Yöntem: Diploma tartışmaları, terör suçlamaları ve medya algısı.
Risk: Bu strateji ters tepti; muhalefet birleşiyor, halk öfkeleniyor ve uluslararası meşruiyet azalıyor. Medyanın zayıf argümanları da etkisiz kalıyor. Israr edilirse, meşruiyet kaybı artar ve sokak hareketleri kontrolden çıkabilir.
Sokağı Bastırma:
Hedef: Muhalefetin sokak çağrılarını etkisizleştirmek ve kitleleri sindirmek.
Yöntem: Polis müdahalesi, protestoları kriminalize etme ve muhalif sesleri susturma.
Risk: Anayasal haklara sert müdahale tepki çeker. Gezi gibi direnişi büyütebilir. Saraçhane’nin örgütlü yapısı, kontrollü bir direnişe evrilebilir. Şiddet, “azınlık diktası” algısını güçlendirip erken seçim baskısını artırabilir.
Erken Seçime Razı Gelme:
Hedef: Meşruiyet kaybını durdurmak ve kontrolü kaybetmeden sandığa gitmek.
Yöntem: Popülist vaatler, ekonomik paketler veya seçim sürecini manipüle etme.
Risk: Kamuoyu, AK Parti’nin kazanma şansını düşük görüyor. Erken seçim, iktidarın sonunu hızlandırabilir. “Geldikleri gibi giderler” söylemi, seçimle gitmenin geri dönüş şansını koruyabileceğini ima ediyor, ama kazanmaları zor.

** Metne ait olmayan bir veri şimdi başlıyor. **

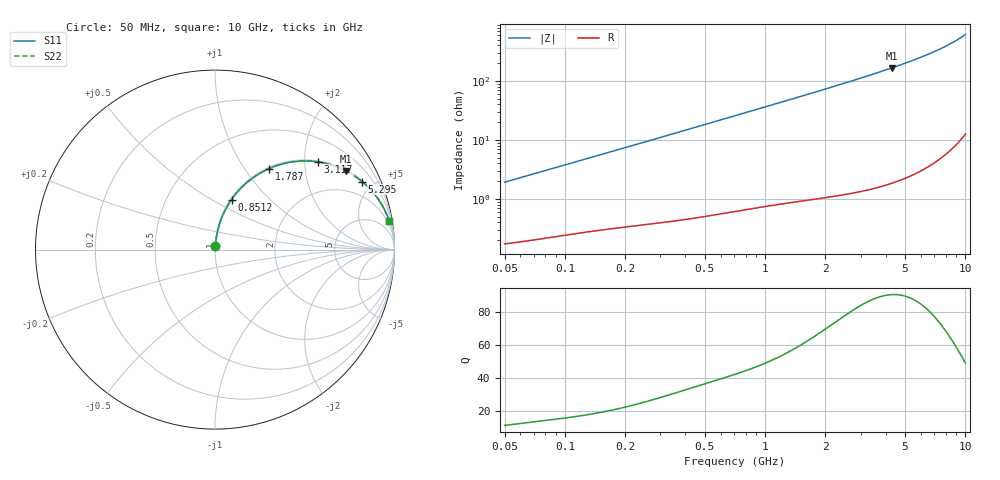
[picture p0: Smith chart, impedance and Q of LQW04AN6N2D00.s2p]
!Murata Part Number: LQW04AN6N2D00
!These Parameters are Measured in Series Mode Connection
!  o--[Z]--o
!Port1  Port2
!  o-------o
!Freq. Start=50[MHz] Stop=10[GHz], 401[Steps]
# Hz S RI R 50
!Freq.(Hz)	S 11(Real)	S 11(Imag)	S 21(Real)	S 21(Imag)	S 12(Real)	S 12(Imag)	S 22(Real)	S 22(Imag)
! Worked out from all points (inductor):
!   401 points, 50 MHz to 10 GHz, reference 50 ohm
!   read as one part in series: L = 6.05 nH near 51.34 MHz
!   highest Q = 90.6 at 4.284 GHz (marker M1), where L = 6.17 nH
!   S11 on the Smith chart (normalised r, x): 50 MHz: 1.00, +0.04; 851.2 MHz: 1.01, +0.62; 1.787 GHz: 1.02, +1.30; 3.117 GHz: 1.03, +2.33; 5.295 GHz: 1.05, +4.29; 10 GHz: 1, +12
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5e7  0.00208 0.019  0.9979 -0.019  0.9979 -0.019  0.00208 0.019
1.214486e8  0.00469 0.0451  0.9953 -0.0451  0.9953 -0.0451  0.00469 0.0451
1.956524e8  0.00842 0.0714  0.9916 -0.0714  0.9916 -0.0714  0.00842 0.0714
2.949953e8  0.0153 0.1061  0.9847 -0.1061  0.9847 -0.1061  0.0153 0.1061
4.628099e8  0.0321 0.1626  0.9679 -0.1626  0.9679 -0.1626  0.0321 0.1626
7.071068e8  0.0669 0.2383  0.9331 -0.2383  0.9331 -0.2383  0.0669 0.2383
8.511793e8  0.0922 0.2786  0.9078 -0.2786  0.9078 -0.2786  0.0922 0.2786
1.024606e9  0.1263 0.3223  0.8737 -0.3223  0.8737 -0.3223  0.1263 0.3223
1.21714e9  0.1677 0.3644  0.8323 -0.3644  0.8323 -0.3644  0.1677 0.3644
1.445853e9  0.22 0.4058  0.78 -0.4058  0.78 -0.4058  0.22 0.4058
1.717543e9  0.284 0.4432  0.716 -0.4432  0.716 -0.4432  0.284 0.4432
1.787167e9  0.3004 0.4509  0.6996 -0.4509  0.6996 -0.4509  0.3004 0.4509
2.391784e9  0.4367 0.4895  0.5633 -0.4895  0.5633 -0.4895  0.4367 0.4895
3.117263e9  0.5747 0.4886  0.4253 -0.4886  0.4253 -0.4886  0.5747 0.4886
3.606216e9  0.6495 0.4715  0.3505 -0.4715  0.3505 -0.4715  0.6495 0.4715
4.171863e9  0.7198 0.4436  0.2802 -0.4436  0.2802 -0.4436  0.7198 0.4436
4.283859e9  0.7319 0.4375  0.2681 -0.4375  0.2681 -0.4375  0.7319 0.4375
5.295127e9  0.819 0.3794  0.181 -0.3794  0.181 -0.3794  0.819 0.3794
6.374006e9  0.8801 0.3188  0.1199 -0.3188  0.1199 -0.3188  0.8801 0.3188
7.472112e9  0.921 0.2629  0.079 -0.2629  0.079 -0.2629  0.921 0.2629
8.530394e9  0.9476 0.2151  0.0524 -0.2151  0.0524 -0.2151  0.9476 0.2151
1e10  0.9712 0.1574  0.0288 -0.1574  0.0288 -0.1574  0.9712 0.1574
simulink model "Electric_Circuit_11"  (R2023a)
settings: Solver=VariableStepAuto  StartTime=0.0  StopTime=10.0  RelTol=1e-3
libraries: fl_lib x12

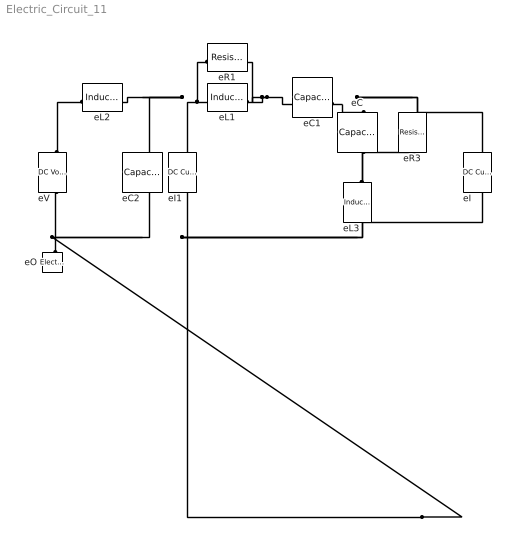
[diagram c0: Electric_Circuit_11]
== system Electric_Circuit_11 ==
  eC : fl_lib/Electrical/Electrical Elements/Capacitor  c=1e-6 F  r=1e-6 Ohm  g=0 1/Ohm  i_specify=off  i_priority=None  i=0 A  i_nominal_specify=off  i_nominal_unit=A  i_nominal_value=1  v_specify=off  v_priority=None  v=0 V  v_nominal_specify=off  v_nominal_unit=V  v_nominal_value=1  vc_specify=off  vc_priority=High  vc=0 V  vc_nominal_specify=off  vc_nominal_unit=V  vc_nominal_value=1
  eC1 : fl_lib/Electrical/Electrical Elements/Capacitor  c=1e-6 F  r=1e-6 Ohm  g=0 1/Ohm  i_specify=off  i_priority=None  i=0 A  i_nominal_specify=off  i_nominal_unit=A  i_nominal_value=1  v_specify=off  v_priority=None  v=0 V  v_nominal_specify=off  v_nominal_unit=V  v_nominal_value=1  vc_specify=off  vc_priority=High  vc=0 V  vc_nominal_specify=off  vc_nominal_unit=V  vc_nominal_value=1
  eC2 : fl_lib/Electrical/Electrical Elements/Capacitor  c=1e-6 F  r=1e-6 Ohm  g=0 1/Ohm  i_specify=off  i_priority=None  i=0 A  i_nominal_specify=off  i_nominal_unit=A  i_nominal_value=1  v_specify=off  v_priority=None  v=0 V  v_nominal_specify=off  v_nominal_unit=V  v_nominal_value=1  vc_specify=off  vc_priority=High  vc=0 V  vc_nominal_specify=off  vc_nominal_unit=V  vc_nominal_value=1
  eI : fl_lib/Electrical/Electrical Sources/DC Current Source  i0=1 A
  eI1 : fl_lib/Electrical/Electrical Sources/DC Current Source  i0=1 A
  eL1 : fl_lib/Electrical/Electrical Elements/Inductor  l=1e-6 H  r=0 Ohm  g=1e-9 1/Ohm  i_specify=off  i_priority=None  i=0 A  i_nominal_specify=off  i_nominal_unit=A  i_nominal_value=1  v_specify=off  v_priority=None  v=0 V  v_nominal_specify=off  v_nominal_unit=V  v_nominal_value=1  i_L_specify=off  i_L_priority=High  i_L=0 A  i_L_nominal_specify=off  i_L_nominal_unit=A  i_L_nominal_value=1
  eL2 : fl_lib/Electrical/Electrical Elements/Inductor  l=1e-6 H  r=0 Ohm  g=1e-9 1/Ohm  i_specify=off  i_priority=None  i=0 A  i_nominal_specify=off  i_nominal_unit=A  i_nominal_value=1  v_specify=off  v_priority=None  v=0 V  v_nominal_specify=off  v_nominal_unit=V  v_nominal_value=1  i_L_specify=off  i_L_priority=High  i_L=0 A  i_L_nominal_specify=off  i_L_nominal_unit=A  i_L_nominal_value=1
  eL3 : fl_lib/Electrical/Electrical Elements/Inductor  l=1e-6 H  r=0 Ohm  g=1e-9 1/Ohm  i_specify=off  i_priority=None  i=0 A  i_nominal_specify=off  i_nominal_unit=A  i_nominal_value=1  v_specify=off  v_priority=None  v=0 V  v_nominal_specify=off  v_nominal_unit=V  v_nominal_value=1  i_L_specify=off  i_L_priority=High  i_L=0 A  i_L_nominal_specify=off  i_L_nominal_unit=A  i_L_nominal_value=1
  eO : fl_lib/Electrical/Electrical Elements/Electrical Reference
  eR1 : fl_lib/Electrical/Electrical Elements/Resistor  R=1 Ohm  i_specify=off  i_priority=None  i=0 A  i_nominal_specify=off  i_nominal_unit=A  i_nominal_value=1  v_specify=off  v_priority=None  v=0 V  v_nominal_specify=off  v_nominal_unit=V  v_nominal_value=1
  eR3 : fl_lib/Electrical/Electrical Elements/Resistor  R=1 Ohm  i_specify=off  i_priority=None  i=0 A  i_nominal_specify=off  i_nominal_unit=A  i_nominal_value=1  v_specify=off  v_priority=None  v=0 V  v_nominal_specify=off  v_nominal_unit=V  v_nominal_value=1
  eV : fl_lib/Electrical/Electrical Sources/DC Voltage Source  v0=1 V
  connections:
  eO/LConn1 -- eC2/RConn1 -- eI/RConn1 -- eL3/RConn1 -- eI1/RConn1 -- eV/RConn1
  eR1/LConn1 -- eI1/LConn1 -- eC2/LConn1 -- eL2/RConn1 -- eL1/LConn1
  eL1/RConn1 -- eR1/RConn1 -- eC1/LConn1
  eC1/RConn1 -- eI/LConn1 -- eR3/LConn1 -- eC/LConn1
  eV/LConn1 -- eL2/LConn1
  eL3/LConn1 -- eC/RConn1 -- eR3/RConn1
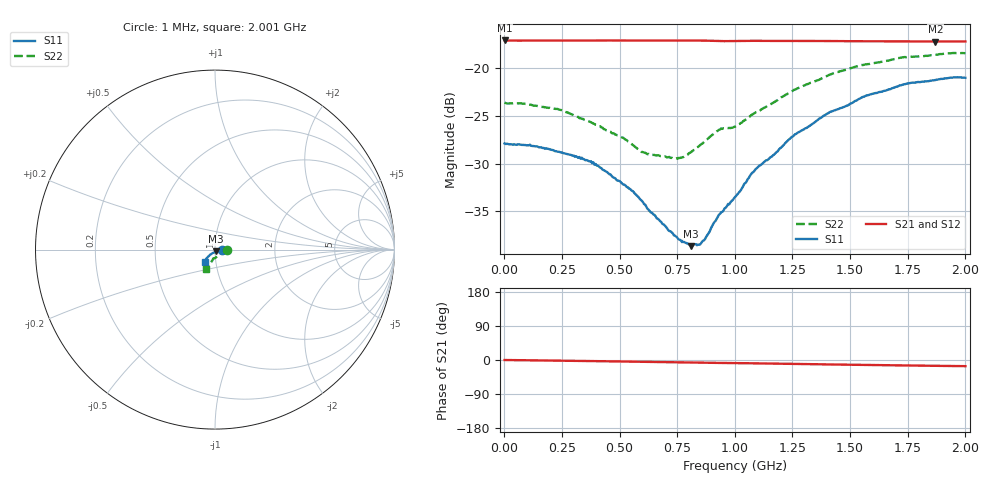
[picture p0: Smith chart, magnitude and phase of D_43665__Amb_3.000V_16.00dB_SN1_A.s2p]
! device id: 43665_
! dir: \\malibu\benchdata\1_engineers\tn_data\43665_75ohm\new\sparar\43665_\amb\3p000v\16p00db
! Serial: 1
! Insertion: A
! Temp: Amb
! VDD: 3.000V
! Attenuation Step: 16.00dB
! IDD: 1.447500e+00mA
! FILE NAME
! DATE 03-27-2009 08:37:17
! CORRECTED  DATA
#  Hz  S  RI  R  75
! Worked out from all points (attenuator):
!   401 points, 1 MHz to 2.001 GHz, reference 75 ohm
!   highest |S21| = -17.07 dB at 1 MHz (marker M1); lowest = -17.2 dB at 1.871 GHz (marker M2)
!   lowest |S11| = -38.7 dB at 811 MHz (marker M3), VSWR 1.02, Z = 75.7 - j1.6 ohm
!   |S11| at or under -10 dB: start of sweep to end of sweep
!   |S22| runs from -29.5 to -18.4 dB; largest |S21 - S12| = 0.00058
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1000000  0.0404 -0.000503  0.1401 -0.000192  0.1403 -0.000176  0.0662 -0.000399
1.21e8  0.0392 6.71e-05  0.1399 -0.00221  0.14 -0.00218  0.0641 -0.000575
2.36e8  0.0365 -0.000522  0.1399 -0.0043  0.1399 -0.00425  0.0608 -0.00232
3.36e8  0.034 -0.0013  0.1398 -0.00617  0.1399 -0.00613  0.0542 -0.00445
4.06e8  0.0309 -0.00137  0.1398 -0.00744  0.1398 -0.00736  0.0495 -0.00684
5.46e8  0.023 -0.00375  0.1396 -0.0104  0.1397 -0.0102  0.0383 -0.0137
6.06e8  0.0188 -0.00477  0.1394 -0.0115  0.1395 -0.0114  0.0319 -0.0171
6.71e8  0.0147 -0.00656  0.1394 -0.0128  0.1395 -0.0127  0.0272 -0.022
7.46e8  0.00964 -0.00887  0.1393 -0.0145  0.1394 -0.0143  0.0202 -0.0271
8.11e8  0.00502 -0.0105  0.1391 -0.016  0.1391 -0.0158  0.0137 -0.0338
8.61e8  0.00104 -0.0124  0.1388 -0.0172  0.1388 -0.017  0.009 -0.0395
9.31e8  -0.00525 -0.0162  0.1379 -0.0187  0.1381 -0.0184  -0.000453 -0.0476
1.001e9  -0.0105 -0.0183  0.1378 -0.0194  0.138 -0.0191  -0.00903 -0.0486
1.096e9  -0.0188 -0.0233  0.1377 -0.0217  0.1379 -0.0214  -0.0134 -0.0574
1.251e9  -0.0301 -0.0319  0.1371 -0.0249  0.1374 -0.0245  -0.0227 -0.0728
1.336e9  -0.0355 -0.0367  0.1367 -0.0265  0.1371 -0.0263  -0.0278 -0.0799
1.411e9  -0.0408 -0.0424  0.1362 -0.0284  0.1366 -0.0282  -0.0301 -0.0876
1.561e9  -0.0488 -0.0516  0.1353 -0.0311  0.1358 -0.0311  -0.0381 -0.0973
1.671e9  -0.0528 -0.0571  0.1346 -0.0332  0.135 -0.0332  -0.0422 -0.1018
1.756e9  -0.055 -0.0629  0.1341 -0.0347  0.1346 -0.0349  -0.0446 -0.1058
1.871e9  -0.0562 -0.0662  0.1334 -0.0366  0.1335 -0.0366  -0.0488 -0.1074
2.001e9  -0.056 -0.0695  0.1329 -0.0387  0.1328 -0.039  -0.0517 -0.1085

Otoriterleşmeyi Derinleştirme:
Hedef: Sandığı devre dışı bırakarak iktidarı sürdürmek.
Yöntem: OHAL, muhalefetin tasfiyesi, baskının artırılması.
Risk: İç çatışma ve uluslararası izolasyon artar. “Direnme hakkı” meşru bir zemin bulabilir, pasif direniş başkaldırıya dönebilir. Kısa vadede güç korunsa da uzun vadede sürdürülemez.
Pazarlık ve Geri Çekilme:
Hedef: Muhalefetle uzlaşıp krizi yatıştırmak ve zaman kazanmak.
Yöntem: Operasyonları askıya alma, tansiyonu düşürme.
Risk: Zayıflık algısı yaratır, tabanda güven kaybına yol açar. Ekonomik ve siyasi krizler çözülmezse erozyon durmaz.
Sonuç: İktidar, kısa vadede baskıyı artırıp sokağı sindirmeye çalışabilir, ama bu başarısız olursa erken seçime razı kalabilir. Ekonomik çöküş, toplumsal öfke ve muhalefetin örgütlü direnişi, manevra alanını daraltıyor. Meşruiyetini kaybetmeden sandığa gitmek zorunda kalabilir, aksi halde “azınlık diktası” algısı pekişecek ve iç-dış dinamikler yönetimi imkânsız hale getirecek. “Geldikleri gibi giderler” söylemi, erken seçimle iktidarın el değiştirebileceğine dair umut taşıyor. Ancak son çırpınış olarak otoriter hamleler de ihtimal dahilinde.